§ **What you should do**:
Exact transcription of the following records is needed, with every picture dropped.

§ **Entries taken from a collection**:

== Segment start ==

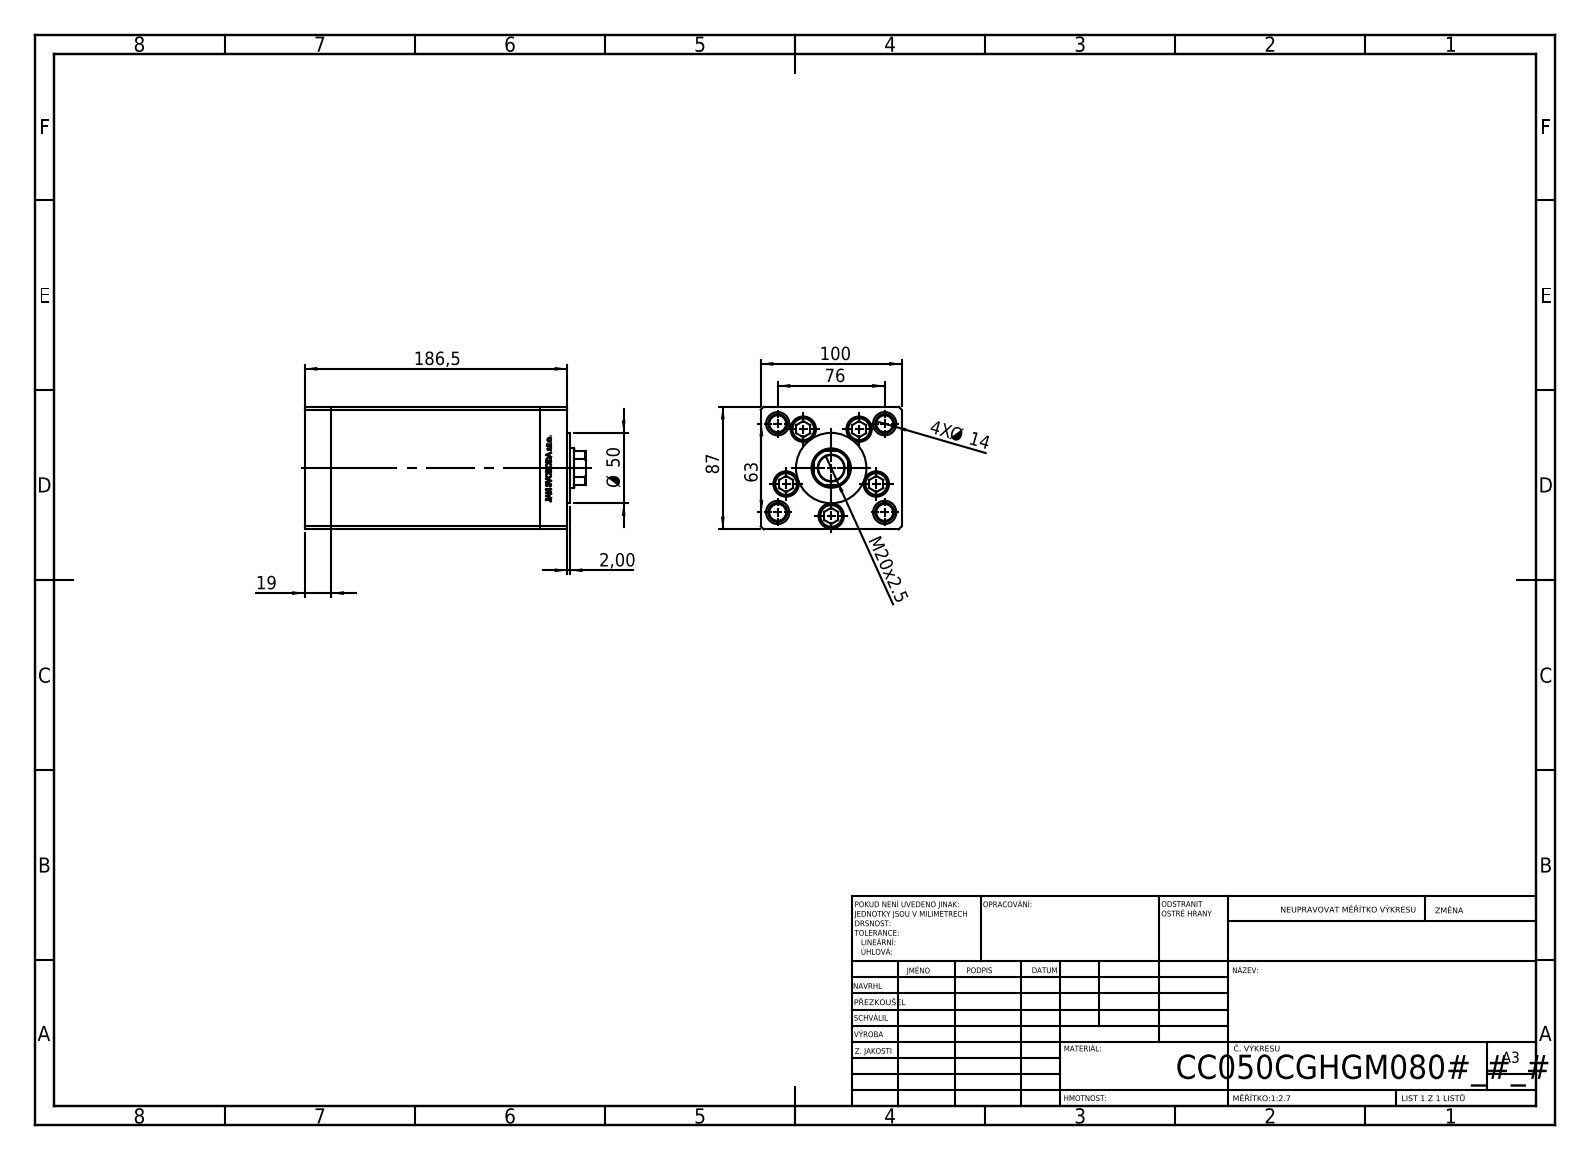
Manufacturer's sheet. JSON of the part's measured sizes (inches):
{"part_name": "ALLEN BOLT; V220C FRONT; V220C BACK_C; V220C_VC_C (+1 more)", "step_written_by": "SolidWorks 2019 (CONFIG_CONTROL_DESIGN)", "units": "inches", "bodies": {"solids": 13, "faces": 1182, "planar": 544, "cylindrical": 176, "other": 462}, "overall_size": [7.854, 3.937, 3.425], "volume_in3": 81.04, "surface_area_in2": 357.8, "round_holes": [[0.531, 9], [0.709, 5], [0.079, 4], [0.472, 4], [0.518, 4], [0.65, 4], [0.669, 1], [0.728, 1], [1.102, 1]], "round_bosses_or_shafts": [[0.315, 5], [0.669, 4], [1.969, 1]], "partial_cylinders_radius": [[0.037, 2], [0.531, 1]], "face_to_face_distances": [3.937, 3.425, 0.748, 5.846, 6.594, 1.348, 7.343, 5.994, 5.246, 0.6], "hole_center_spacings": [1.339, 1.943, 0.732, 0.828, 1.499, 1.546, 1.607, 1.702]}
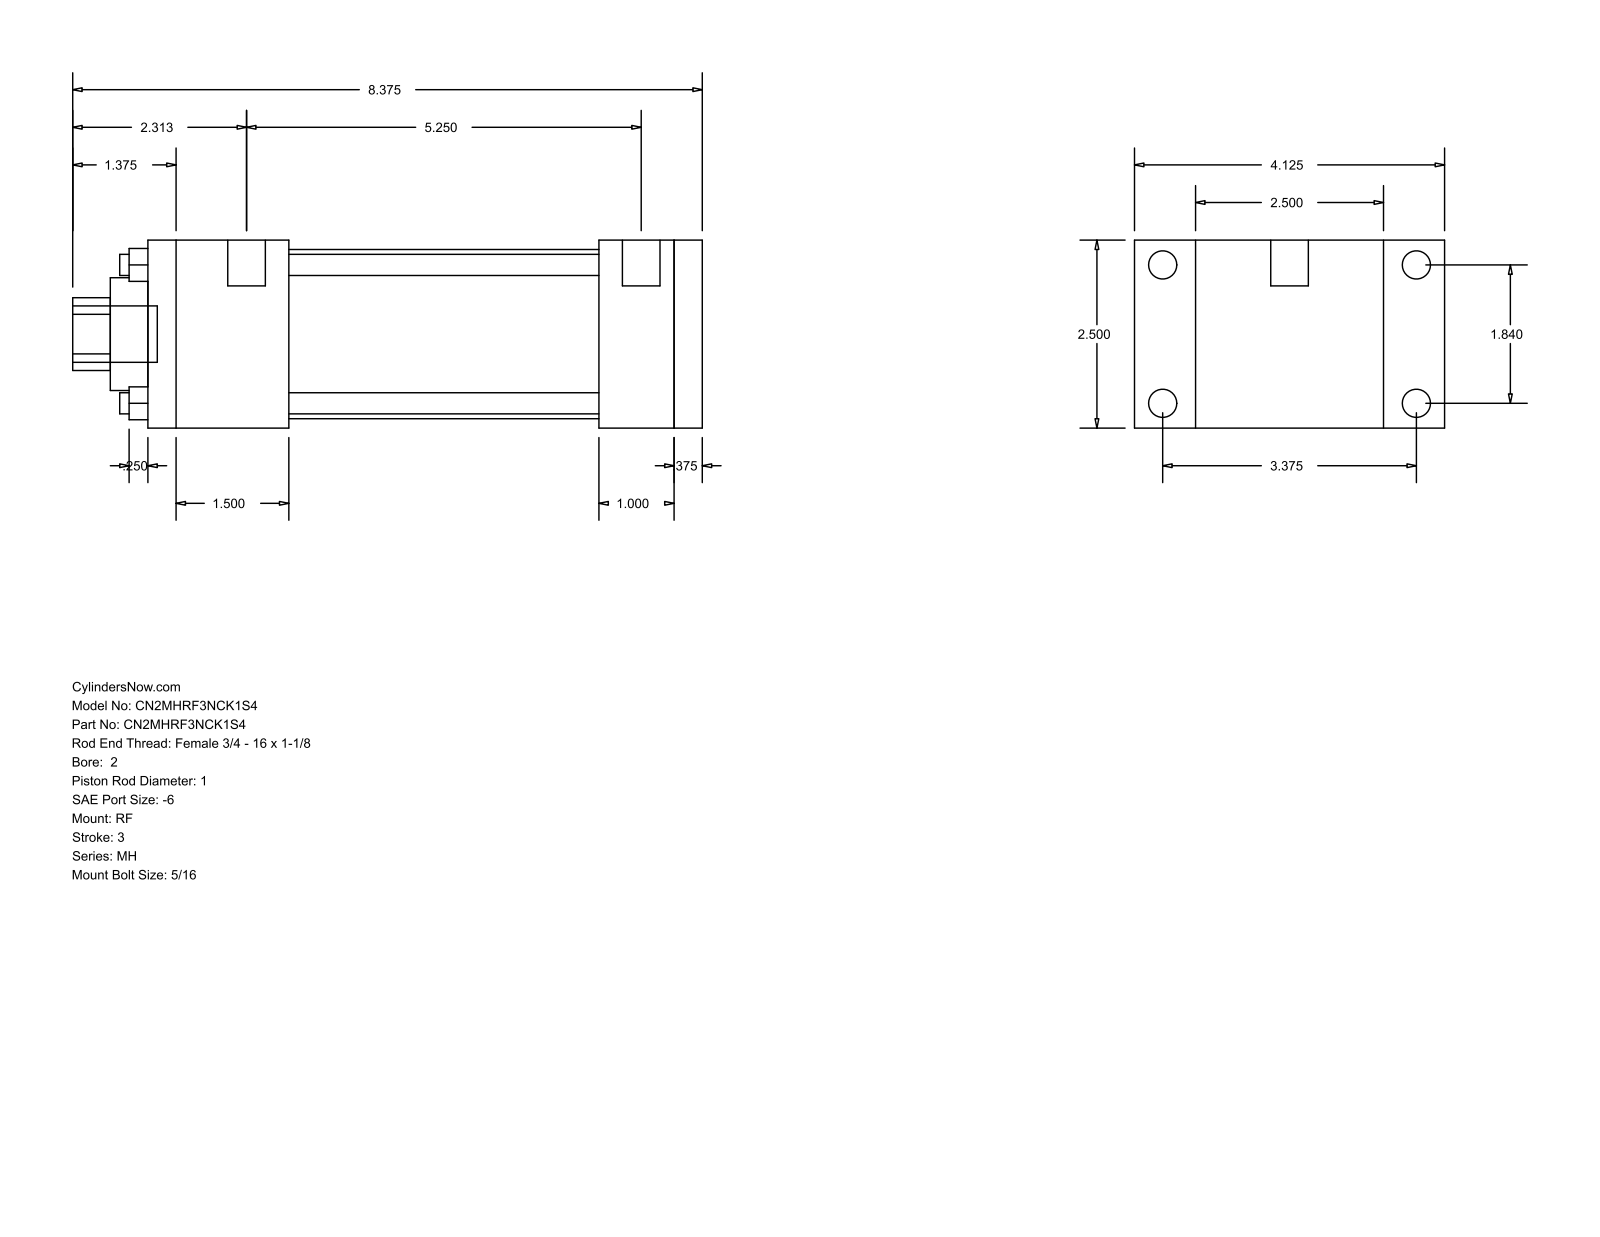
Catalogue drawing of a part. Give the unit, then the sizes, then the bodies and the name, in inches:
Units: inches
Overall size (bounding box): 8.375 × 4.125 × 2.5
Round holes (diameter × count): ⌀0.281 ×4, ⌀1 ×1, ⌀1.5 ×1, ⌀2.25 ×1
Round bosses / shafts (diameter × count): ⌀0.375 ×4, ⌀0.219 ×4, ⌀0.5 ×2, ⌀0.75 ×1
Partial cylindrical surfaces — rounded edges, fillets, slot ends (radius × count): R0.484 ×1
Main face-to-face distances: 2.5, 0.375, 7.375, 7, 0.813, 1, 1.875, 6, 4.125, 5.125
Hole centre spacings: 1.301, 1.84, 2.602
Bodies: 0 solids, 92 faces (64 planar, 28 cylindrical, 0 other)
Part name (STEP PRODUCT): MH_RF__0200_1
STEP written by: GSSL Pune (CONFIG_CONTROL_DESIGN)
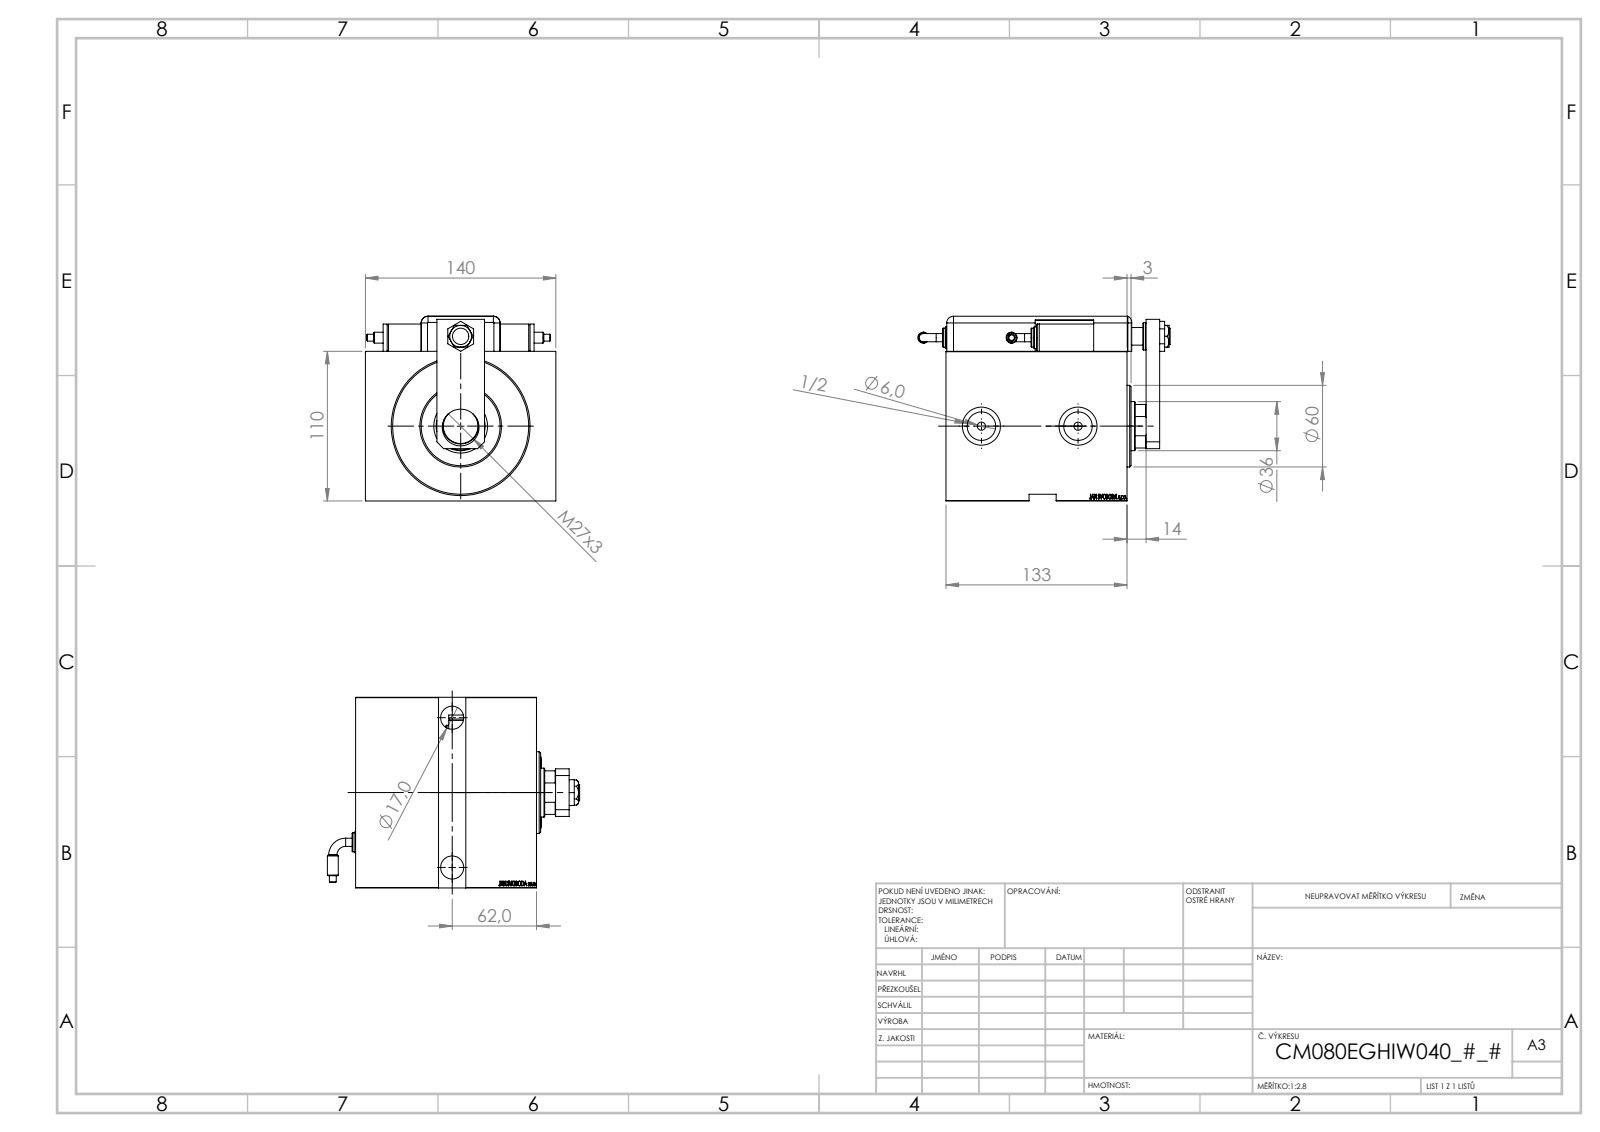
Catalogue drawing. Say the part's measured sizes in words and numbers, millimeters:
The part is named "V450CM_E_VCP; V450CM_E_Body; ZARAZKA_Q; V450CM_VC_B (+7 more)". Its 3-D file was written by "SolidWorks 2019 (CONFIG_CONTROL_DESIGN)". It is 13 solids with 1262 faces: 620 planar, 109 cylindrical and 533 other. Overall it measures 185.46 by 140 by 135.8 millimeters. Its volume is 1 885 000 cubic millimeters and its surface area 258 282 square millimeters. Round holes: 2 of diameter 4, 2 of diameter 6, 2 of diameter 8, 2 of diameter 17, 2 of diameter 20.96, 2 of diameter 25, 2 of diameter 28, 1 of diameter 12, 1 of diameter 13, 1 of diameter 14, 1 of diameter 25.5, 1 of diameter 27. Round bosses or shafts: 3 of diameter 20, 2 of diameter 16, 2 of diameter 14, 2 of diameter 8, 2 of diameter 6, 2 of diameter 5.04, 1 of diameter 60. Partial cylindrical surfaces (rounded edges, fillets, slot ends): 9 of radius 5, 1 of radius 10, 1 of radius 17.5. The main face-to-face distances are 110, 133, 140, 3, 24.5, 108.5, 5, 128, 135.8, 25.8. The hole center spacings are 71.06, 85.15, 1, 20, 66, 67, 71, 110.
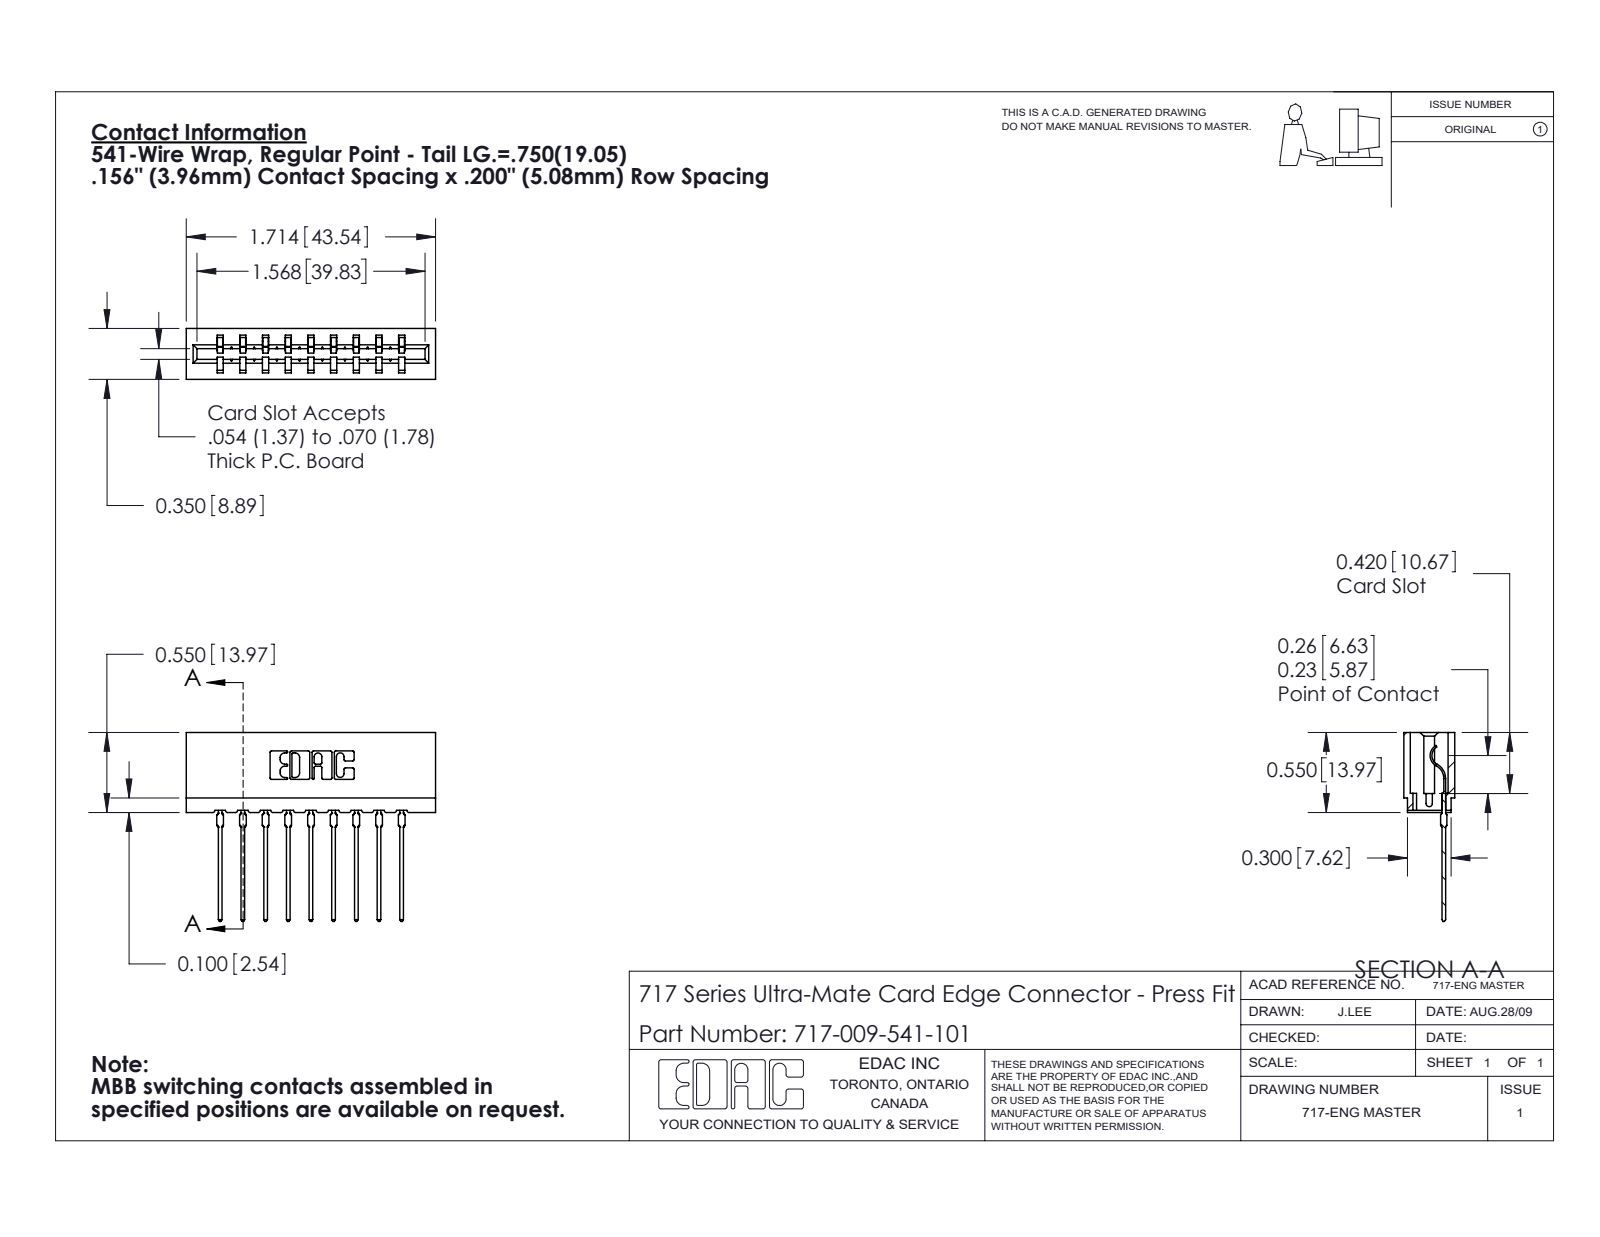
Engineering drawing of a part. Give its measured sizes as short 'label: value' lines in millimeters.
name: 717-009-541-101; 745-292-001_541; 717 Part_Insulator Option - 06
written by: SolidWorks 2020 (CONFIG_CONTROL_DESIGN)
unit: mm
bodies: 10 solids, 1111 faces (666 planar, 211 cylindrical, 234 other)
size: 43.5 × 33 × 8.9
volume: 3 870 mm³; area: 5 259 mm²
rounds: 22× R0.3, 18× R0.4, 18× R0.5, 6× R0.2, 6× R0.8, 4× R0.1, 4× R0.3, 3× R0.7
face distances: 4, 5.4, 15.8, 3.5, 11.9, 5, 8.9, 7.9, 1.1, 7.9

== Segment end ==

§ **Written reply**:
Manufacturer's sheet. JSON of the part's measured sizes (inches):
{"part_name": "ALLEN BOLT; V220C FRONT; V220C BACK_C; V220C_VC_C (+1 more)", "step_written_by": "SolidWorks 2019 (CONFIG_CONTROL_DESIGN)", "units": "inches", "bodies": {"solids": 13, "faces": 1182, "planar": 544, "cylindrical": 176, "other": 462}, "overall_size": [7.854, 3.937, 3.425], "volume_in3": 81.04, "surface_area_in2": 357.8, "round_holes": [[0.531, 9], [0.709, 5], [0.079, 4], [0.472, 4], [0.518, 4], [0.65, 4], [0.669, 1], [0.728, 1], [1.102, 1]], "round_bosses_or_shafts": [[0.315, 5], [0.669, 4], [1.969, 1]], "partial_cylinders_radius": [[0.037, 2], [0.531, 1]], "face_to_face_distances": [3.937, 3.425, 0.748, 5.846, 6.594, 1.348, 7.343, 5.994, 5.246, 0.6], "hole_center_spacings": [1.339, 1.943, 0.732, 0.828, 1.499, 1.546, 1.607, 1.702]}
Catalogue drawing of a part. Give the unit, then the sizes, then the bodies and the name, in inches:
Units: inches
Overall size (bounding box): 8.375 × 4.125 × 2.5
Round holes (diameter × count): ⌀0.281 ×4, ⌀1 ×1, ⌀1.5 ×1, ⌀2.25 ×1
Round bosses / shafts (diameter × count): ⌀0.375 ×4, ⌀0.219 ×4, ⌀0.5 ×2, ⌀0.75 ×1
Partial cylindrical surfaces — rounded edges, fillets, slot ends (radius × count): R0.484 ×1
Main face-to-face distances: 2.5, 0.375, 7.375, 7, 0.813, 1, 1.875, 6, 4.125, 5.125
Hole centre spacings: 1.301, 1.84, 2.602
Bodies: 0 solids, 92 faces (64 planar, 28 cylindrical, 0 other)
Part name (STEP PRODUCT): MH_RF__0200_1
STEP written by: GSSL Pune (CONFIG_CONTROL_DESIGN)
Catalogue drawing. Say the part's measured sizes in words and numbers, millimeters:
The part is named "V450CM_E_VCP; V450CM_E_Body; ZARAZKA_Q; V450CM_VC_B (+7 more)". Its 3-D file was written by "SolidWorks 2019 (CONFIG_CONTROL_DESIGN)". It is 13 solids with 1262 faces: 620 planar, 109 cylindrical and 533 other. Overall it measures 185.46 by 140 by 135.8 millimeters. Its volume is 1 885 000 cubic millimeters and its surface area 258 282 square millimeters. Round holes: 2 of diameter 4, 2 of diameter 6, 2 of diameter 8, 2 of diameter 17, 2 of diameter 20.96, 2 of diameter 25, 2 of diameter 28, 1 of diameter 12, 1 of diameter 13, 1 of diameter 14, 1 of diameter 25.5, 1 of diameter 27. Round bosses or shafts: 3 of diameter 20, 2 of diameter 16, 2 of diameter 14, 2 of diameter 8, 2 of diameter 6, 2 of diameter 5.04, 1 of diameter 60. Partial cylindrical surfaces (rounded edges, fillets, slot ends): 9 of radius 5, 1 of radius 10, 1 of radius 17.5. The main face-to-face distances are 110, 133, 140, 3, 24.5, 108.5, 5, 128, 135.8, 25.8. The hole center spacings are 71.06, 85.15, 1, 20, 66, 67, 71, 110.
Engineering drawing of a part. Give its measured sizes as short 'label: value' lines in millimeters.
name: 717-009-541-101; 745-292-001_541; 717 Part_Insulator Option - 06
written by: SolidWorks 2020 (CONFIG_CONTROL_DESIGN)
unit: mm
bodies: 10 solids, 1111 faces (666 planar, 211 cylindrical, 234 other)
size: 43.5 × 33 × 8.9
volume: 3 870 mm³; area: 5 259 mm²
rounds: 22× R0.3, 18× R0.4, 18× R0.5, 6× R0.2, 6× R0.8, 4× R0.1, 4× R0.3, 3× R0.7
face distances: 4, 5.4, 15.8, 3.5, 11.9, 5, 8.9, 7.9, 1.1, 7.9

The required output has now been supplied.